The double concerto Masquerade takes as its starting place the conventions of Commedia dell'arte, a popular form of improvisational theater which began in Italy in the 15th century and remained popular into the 18th century. Costumes and masks identified life's universal characters, first described centuries earlier in Greek and Roman comedies, and the classic plots often revolved around lovers. One of the most important characters was Arlecchino, also known as Pedrolino, or the Harlequin.

The soloists take on the roles of musical lovers in the first movement (Burlesque). The story of their courtship is told by two harmonically and melodically elusive contrasting themes. A vecchio (elder) arrives on the scene. By seducing one of the innamorati, he forces them apart and the movement ends. The second movement (Elegy) is a lament for lost love. It tells the story of the lovers apart. As the movement progresses they grow older, and wiser with experience.

After many years, in the movement entitled The Last of Pedrolino, they are reunited one evening at the bedside of a mutual friend, the zanni Pedrolino, who, dying, wishes to see them both one last time. Inspired by Pedrolino, the two lovers reconnect, no longer as lovers but as old friends and soul mates. In a final Galoppade, they relive the open-hearted joy in singing of their childhoods before parting forever.

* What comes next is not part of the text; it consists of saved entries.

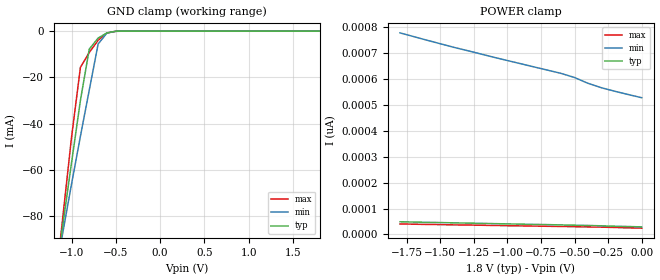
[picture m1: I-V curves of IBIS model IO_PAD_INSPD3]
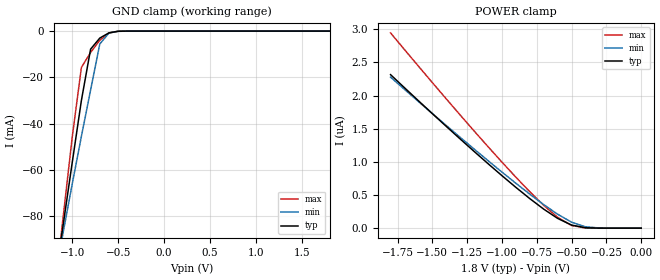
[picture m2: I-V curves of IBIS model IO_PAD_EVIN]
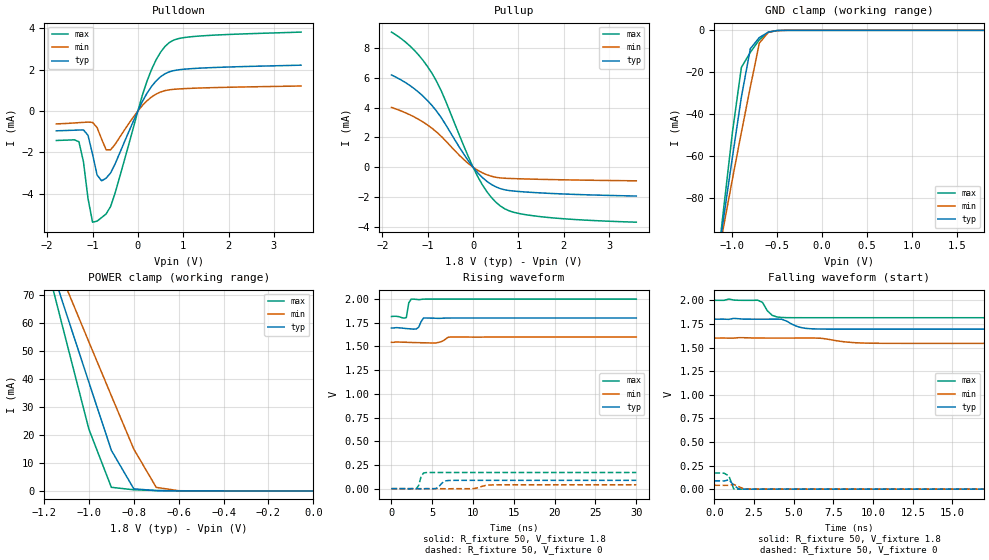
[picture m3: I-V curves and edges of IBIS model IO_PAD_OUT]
[IBIS Ver]   3.2
[Comment Char]   |_char
[File name]   r8804ce_18v.ibs
[File Rev]   1.0
[Date]   2018/09/06 10:15:20
[Source]
[Notes]
[Disclaimer]
This information is for modeling purposes only, and is not guaranteed.
Property of SEIKO EPSON Corp.,
unauthorized reproduction and/or distribution is strictly prohibited.
[Copyright]
Copyright 2018, SEIKO EPSON Corp.
[Component]   r8804ce18v
Si_location Pin
Timing_location Pin
[Manufacturer]   SEIKO EPSON Corp.
| RA/RX-8804CE
[Package]
R_pkg   267m   NA   NA
L_pkg   2.8nH   NA   NA
C_pkg   0.70pF   NA   NA
[Pin] signal_name   model_name
1   FOE   IO_PAD_INSPD3
2   Vdd   POWER
3   EVIN   IO_PAD_EVIN
4   FOUT   IO_PAD_OUT
5   SCL   IO_PAD_INSPD2
6   SOUT   IO_PAD_DIO
7   SDA   IO_PAD_DIO_SMT
8   Vpp   POWER
9   GND   GND
10   /INT   IO_PAD_XINT
| Models and submodels in the file (7): IO_PAD_INSPD3 (Input), IO_PAD_EVIN (Input), IO_PAD_OUT (3-state), IO_PAD_INSPD2 (Input), IO_PAD_DIO (I/O), IO_PAD_DIO_SMT (I/O_open_drain), IO_PAD_XINT (Open_drain)
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[Model]   IO_PAD_INSPD3
Model_type Input
Enable Active-High
Polarity Non-Inverting
Vinh=1.6
Vinl=0.32
C_comp   2.5p   2.0p   3.0p
[Temperature Range] 25   105   -40
[Voltage Range]   1.8   1.6   2.0
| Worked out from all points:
|   GND clamp passes 1 mA (typ) near -0.61 V on its own axis
[GND Clamp]
-1.8V     -278.3mA   -240.3mA   -330mA
-1.2V     -111.6mA   -108.8mA   -116mA
-1.1V     -84.12mA   -87.27mA   -80.81mA
-1V       -56.82mA   -66.05mA   -45.85mA
-900mV    -29.96mA   -45.44mA   -15.68mA
-800mV    -7.804mA   -25.47mA   -9.236mA
-700mV    -3.032mA   -5.585mA   -3.961mA
-600mV    -756.3uA   -818.3uA   -830.7uA
-500mV    -74.57uA   -117.4uA   -45.32uA
1.8V      28.76pA    553.3pA    21.43pA
[POWER Clamp]
-1.8V     48.77pA    779.1pA    40.36pA
-1.4V     44.45pA    723.4pA    36.72pA
-1.1V     41.5pA     684.7pA    34.33pA
-600mV    36.49pA    622.5pA    30.52pA
-500mV    35.41pA    606.5pA    29.62pA
-400mV    34.39pA    584.2pA    28.71pA
-300mV    33.03pA    567pA      27.91pA
-200mV    31.49pA    553.4pA    26.66pA
0V        28.88pA    528.4pA    23.99pA
[Model]   IO_PAD_EVIN
Model_type Input
Enable Active-High
Polarity Non-Inverting
Vinh=1.6
Vinl=0.32
C_comp   2.5p   2.0p   3.0p
[Temperature Range] 25   105   -40
[Voltage Range]   1.8   1.6   2.0
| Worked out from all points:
|   GND clamp passes 1 mA (typ) near -0.61 V on its own axis
[GND Clamp]
-1.8V     -278.3mA   -240.3mA   -330mA
-1.2V     -111.6mA   -108.8mA   -116mA
-1.1V     -84.12mA   -87.27mA   -80.81mA
-1V       -56.82mA   -66.05mA   -45.85mA
-900mV    -29.96mA   -45.44mA   -15.68mA
-800mV    -7.804mA   -25.47mA   -9.236mA
-700mV    -3.032mA   -5.585mA   -3.961mA
-600mV    -756.3uA   -818.3uA   -830.7uA
-500mV    -74.57uA   -117.4uA   -45.32uA
1.8V      28.76pA    723.9pA    21.09pA
[POWER Clamp]
-1.8V     2.316uA    2.279uA    2.946uA
-1.4V     1.536uA    1.549uA    1.951uA
-1V       792.1nA    846.3nA    996.3nA
-800mV    445.9nA    512.7nA    549.4nA
-700mV    286.9nA    355.2nA    343.4nA
-600mV    147.3nA    210nA      163.3nA
-500mV    46.4nA     89.84nA    40.05nA
-400mV    5.964nA    20.38nA    2.634nA
-300mV    372.4pA    2.745nA    85.21pA
0V        28.76pA    528.5pA    23.99pA
[Model]   IO_PAD_OUT
Model_type 3-state
Enable Active-High
Polarity Non-Inverting
Vmeas=0.90
C_comp   2.5p   2.0p   3.0p
[Temperature Range] 25   105   -40
[Voltage Range]   1.8   1.6   2.0
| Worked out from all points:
|   slope of the pulldown table from 0 to 0.27 V, typ, clamps not added: 249 ohm
|   slope of the pullup table from 0 to 0.27 V, typ, clamps not added: 316 ohm
|   GND clamp passes 1 mA (typ) near -0.61 V on its own axis
|   POWER clamp passes 1 mA (typ) near -0.80 V on its own axis
|   falling waveform, R_fixture 50, V_fixture 1.8: 20-80 % time 818ps typ, 1.44ns min, 486ps max; typ from 1.8 V to 1.7 V
|   falling waveform, R_fixture 50, V_fixture 0: 20-80 % time 339ps typ, NA min, 225ps max; typ from 0.088 V to 0 V
|   rising waveform, R_fixture 50, V_fixture 1.8: 20-80 % time 368ps typ, 612ps min, 230ps max; typ from 1.7 V to 1.8 V
|   rising waveform, R_fixture 50, V_fixture 0: 20-80 % time 564ps typ, NA min, 364ps max; typ from 0 V to 0.088 V
[Pullup]
-1.8V     6.186mA    4.013mA    9.06mA
-1.3V     5.273mA    3.375mA    7.854mA
-1.1V     4.756mA    3.025mA    7.148mA
-900mV    4.116mA    2.598mA    6.265mA
-700mV    3.314mA    2.066mA    5.107mA
-200mV    857.2uA    503.2uA    1.393mA
100mV     -362uA     -200uA     -615.4uA
300mV     -933uA     -499.1uA   -1.618mA
600mV     -1.433mA   -714.2uA   -2.593mA
900mV     -1.596mA   -761.3uA   -3.022mA
1.4V      -1.705mA   -803.7uA   -3.28mA
3.6V      -1.929mA   -908.6uA   -3.682mA
[Pulldown]
-1.8V     -961.5uA   -625.3uA   -1.43mA
-1.3V     -922.8uA   -565.9uA   -1.492mA
-1.2V     -918.1uA   -552uA     -2.462mA
-1.1V     -1.178mA   -539uA     -4.238mA
-1V       -2.093mA   -553.4uA   -5.388mA
-900mV    -3.101mA   -801.9uA   -5.336mA
-700mV    -3.256mA   -1.879mA   -4.987mA
-600mV    -2.995mA   -1.879mA   -4.62mA
200mV     855.8uA    491.6uA    1.436mA
600mV     1.806mA    987.6uA    3.13mA
1.2V      2.053mA    1.099mA    3.601mA
3.6V      2.219mA    1.21mA     3.821mA
[GND Clamp]
-1.8V     -299.3mA   -258.9mA   -354mA
-1.2V     -119.5mA   -117.1mA   -123.7mA
-1.1V     -89.88mA   -93.83mA   -85.77mA
-1V       -60.41mA   -70.86mA   -48.66mA
-900mV    -31.76mA   -48.51mA   -17.63mA
-800mV    -8.707mA   -26.99mA   -10.46mA
-700mV    -3.454mA   -6.077mA   -4.512mA
-600mV    -868.8uA   -933.9uA   -956.3uA
-500mV    -86.23uA   -135.8uA   -52.66uA
-400mV    -4.725uA   -14.7uA    -1.074uA
1.8V      21.6pA     5.599nA    11.2pA
[POWER Clamp]
-1.8V     236.4mA    208.9mA    274.8mA
-1.2V     87.98mA    92.05mA    84.88mA
-1.1V     63.38mA    72.67mA    53.4mA
-1V       38.87mA    53.34mA    22.09mA
-900mV    14.53mA    34.09mA    1.297mA
-800mV    753.7uA    14.98mA    407.8uA
-700mV    112.9uA    1.273mA    132.2uA
-600mV    21.58uA    77.12uA    21.07uA
0V        21.6pA     602pA      14.78pA
[Falling Waveform]
R_fixture=50
V_fixture=1.8
V_fixture_min=1.6
V_fixture_max=2.0
0s        1.8V       1.6V       2V
2.727ns   1.8V       1.6V       2.001V
3.03ns    1.8V       1.6V       1.977V
3.333ns   1.8V       1.6V       1.889V
3.636ns   1.8V       1.6V       1.841V
4.242ns   1.799V     1.6V       1.818V
5.455ns   1.712V     1.6V       1.816V
6.364ns   1.697V     1.6V       1.816V
10ns      1.695V     1.545V     1.816V
30ns      1.695V     1.544V     1.816V
[Falling Waveform]
R_fixture=50
V_fixture=0
V_fixture_min=0
V_fixture_max=0
0s        87.71mV    40.74mV    170.6mV
606.1ps   86.1mV     40.09mV    168.5mV
909.1ps   99.16mV    40.37mV    140.8mV
1.212ns   42.22mV    50.39mV    2.776mV
1.515ns   2.823mV    28.16mV    54.52uV
1.818ns   402.5uV    5.153mV    -2.958uV
2.121ns   42.24uV    1.62mV     -18.5uV
2.727ns   -10.67uV   195.2uV    1.286mV
3.03ns    -32.45uV   48.97uV    2.505mV
30ns      0V         0V         0V
[Rising Waveform]
R_fixture=50
V_fixture=1.8
V_fixture_min=1.6
V_fixture_max=2.0
0s        1.695V     1.544V     1.816V
1.818ns   1.689V     1.544V     1.805V
2.121ns   1.687V     1.543V     1.961V
2.424ns   1.685V     1.542V     2V
3.03ns    1.685V     1.541V     1.997V
3.333ns   1.703V     1.54V      1.994V
3.939ns   1.801V     1.539V     1.999V
5.455ns   1.798V     1.537V     2V
7.273ns   1.8V       1.599V     2V
30ns      1.8V       1.6V       2V
[Rising Waveform]
R_fixture=50
V_fixture=0
V_fixture_min=0
V_fixture_max=0
0s        0V         0V         0V
3.03ns    -89.99uV   23.11uV    -2.199mV
3.333ns   -778.6uV   28.21uV    34.37mV
3.636ns   -2.509mV   24.55uV    129.5mV
4.242ns   -11.99uV   23.57uV    169.5mV
5.455ns   1.182mV    -5.61uV    170.5mV
6.97ns    86.15mV    -1.504mV   170.6mV
10ns      87.68mV    301.8uV    170.6mV
12.42ns   87.71mV    39.73mV    170.6mV
30ns      87.71mV    40.74mV    170.6mV
[Ramp]
R_load=50
dV/dt_r   5.262E-2/5.505E-10   2.445E-2/9.509E-10   1.024E-1/3.352E-10
dV/dt_f   6.318E-2/7.892E-10   3.371E-2/1.417E-9   1.106E-1/4.623E-10
|[End   IO_PAD_OUT
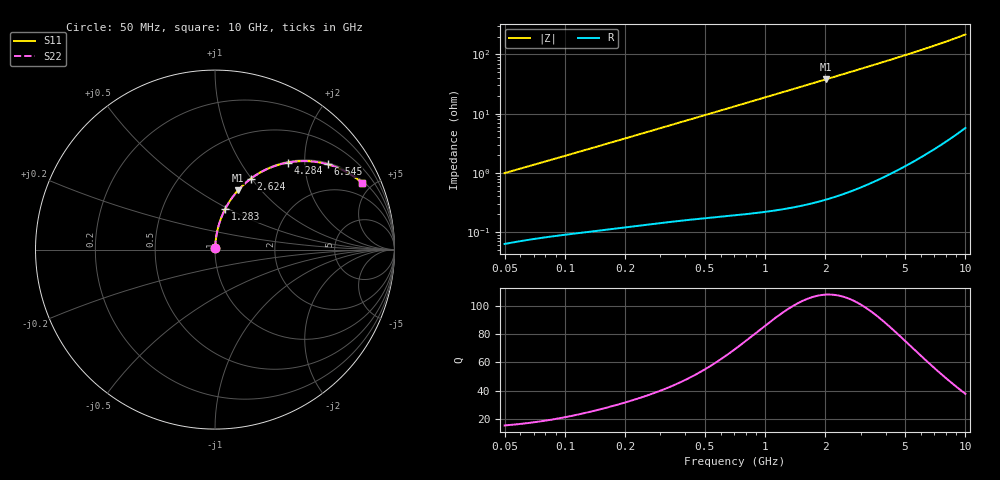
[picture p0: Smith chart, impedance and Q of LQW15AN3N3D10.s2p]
!Murata Part Number: LQW15AN3N3D10
!These Parameters are Measured in Series Mode Connection
!  o--[Z]--o
!Port1  Port2
!  o-------o
!Freq. Start=50[MHz] Stop=10[GHz], 401[Steps]
# Hz S RI R 50
!Freq.(Hz)	S 11(Real)	S 11(Imag)	S 21(Real)	S 21(Imag)	S 12(Real)	S 12(Imag)	S 22(Real)	S 22(Imag)
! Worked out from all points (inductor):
!   401 points, 50 MHz to 10 GHz, reference 50 ohm
!   read as one part in series: L = 3.11 nH near 51.34 MHz
!   highest Q = 108 at 2.013 GHz (marker M1), where L = 3 nH
!   S11 on the Smith chart (normalised r, x): 50 MHz: 1.00, +0.02; 1.283 GHz: 1.00, +0.48; 2.624 GHz: 1.01, +0.99; 4.284 GHz: 1.02, +1.65; 6.545 GHz: 1.04, +2.61; 10 GHz: 1.11, +4.35
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5e7  0.000726 0.00986  0.9993 -0.00986  0.9993 -0.00986  0.000726 0.00986
5.134228e7  0.000742 0.0101  0.9993 -0.0101  0.9993 -0.0101  0.000742 0.0101
1.214486e8  0.00152 0.0233  0.9985 -0.0233  0.9985 -0.0233  0.00152 0.0233
1.956524e8  0.00257 0.0371  0.9974 -0.0371  0.9974 -0.0371  0.00257 0.0371
2.949953e8  0.0045 0.0556  0.9955 -0.0556  0.9955 -0.0556  0.0045 0.0556
4.689809e8  0.00939 0.0875  0.9906 -0.0875  0.9906 -0.0875  0.00939 0.0875
7.071068e8  0.0192 0.1302  0.9808 -0.1302  0.9808 -0.1302  0.0192 0.1302
9.589462e8  0.0334 0.1739  0.9666 -0.1739  0.9666 -0.1739  0.0334 0.1739
1.283367e9  0.0572 0.227  0.9428 -0.227  0.9428 -0.227  0.0572 0.227
1.717543e9  0.097 0.2913  0.903 -0.2913  0.903 -0.2913  0.097 0.2913
2.013439e9  0.1283 0.3299  0.8717 -0.3299  0.8717 -0.3299  0.1283 0.3299
2.298604e9  0.161 0.3629  0.839 -0.3629  0.839 -0.3629  0.161 0.3629
2.624158e9  0.2003 0.3955  0.7997 -0.3955  0.7997 -0.3955  0.2003 0.3955
3.286879e9  0.2833 0.4455  0.7167 -0.4455  0.7167 -0.4455  0.2833 0.4455
4.171863e9  0.3923 0.4825  0.6077 -0.4825  0.6077 -0.4825  0.3923 0.4825
4.283859e9  0.4055 0.4851  0.5945 -0.4851  0.5945 -0.4851  0.4055 0.4851
5.295127e9  0.5159 0.4928  0.4841 -0.4928  0.4841 -0.4928  0.5159 0.4928
6.54512e9  0.6276 0.4751  0.3724 -0.4751  0.3724 -0.4751  0.6276 0.4751
7.37379e9  0.6874 0.4543  0.3126 -0.4543  0.3126 -0.4543  0.6874 0.4543
8.307378e9  0.7431 0.4264  0.2569 -0.4264  0.2569 -0.4264  0.7431 0.4264
9.48396e9  0.7987 0.3888  0.2013 -0.3888  0.2013 -0.3888  0.7987 0.3888
1e10  0.8189 0.3721  0.1811 -0.3721  0.1811 -0.3721  0.8189 0.3721

Composed over a two year period, the concerto was completed in February of 2007 and is dedicated to Jaime Laredo and Sharon Robinson who together introduced the piece with the Sacramento Philharmonic, conducted by Laura Jackson, on 16 February 2008 and with the Vermont Symphony Orchestra, conducted by Troy Peters, on May 3 2008.

-- Daron Hagen

*****


Daron Hagen (1961- )

Daron Hagen's orchestral compositions have been performed by the New York Philharmonic, Philadelphia Orchestra, the National Symphony, American Composers Orchestra, American Symphony, Orpheus Chamber Orchestra, the Milwaukee, St. Louis, Dallas, Nashville, Houston, Denver, Knoxville, Florida, Oakland, Brooklyn and New Mexico Symphonies, among dozens of others. His five operas (Shining Brow, Bandanna, Vera of Las Vegas, Broken Pieces, and The Antient Concert) have received multiple performances internationally. The composer of over two hundred published art songs and cycles, his catalogue continues to grow as major orchestras, ensembles and soloists commission and record new works.

Current projects include Amelia, an opera for the Seattle Opera, a violin concerto for Michael Ludwig and the Buffalo and Virginia Symphonies, a fourth symphony for the Albany Symphony, and a string quartet for the Terezin Music Foundation.

Premieres scheduled for the 07-08 season include a double concerto for Jaime Laredo and Sharon Robinson (also being premiered with the Sacramento Symphony), a triple concerto for the Amelia Piano Trio and a consortium of pre-professional orchestras, and a fourth trio for the Finisterra Piano Trio.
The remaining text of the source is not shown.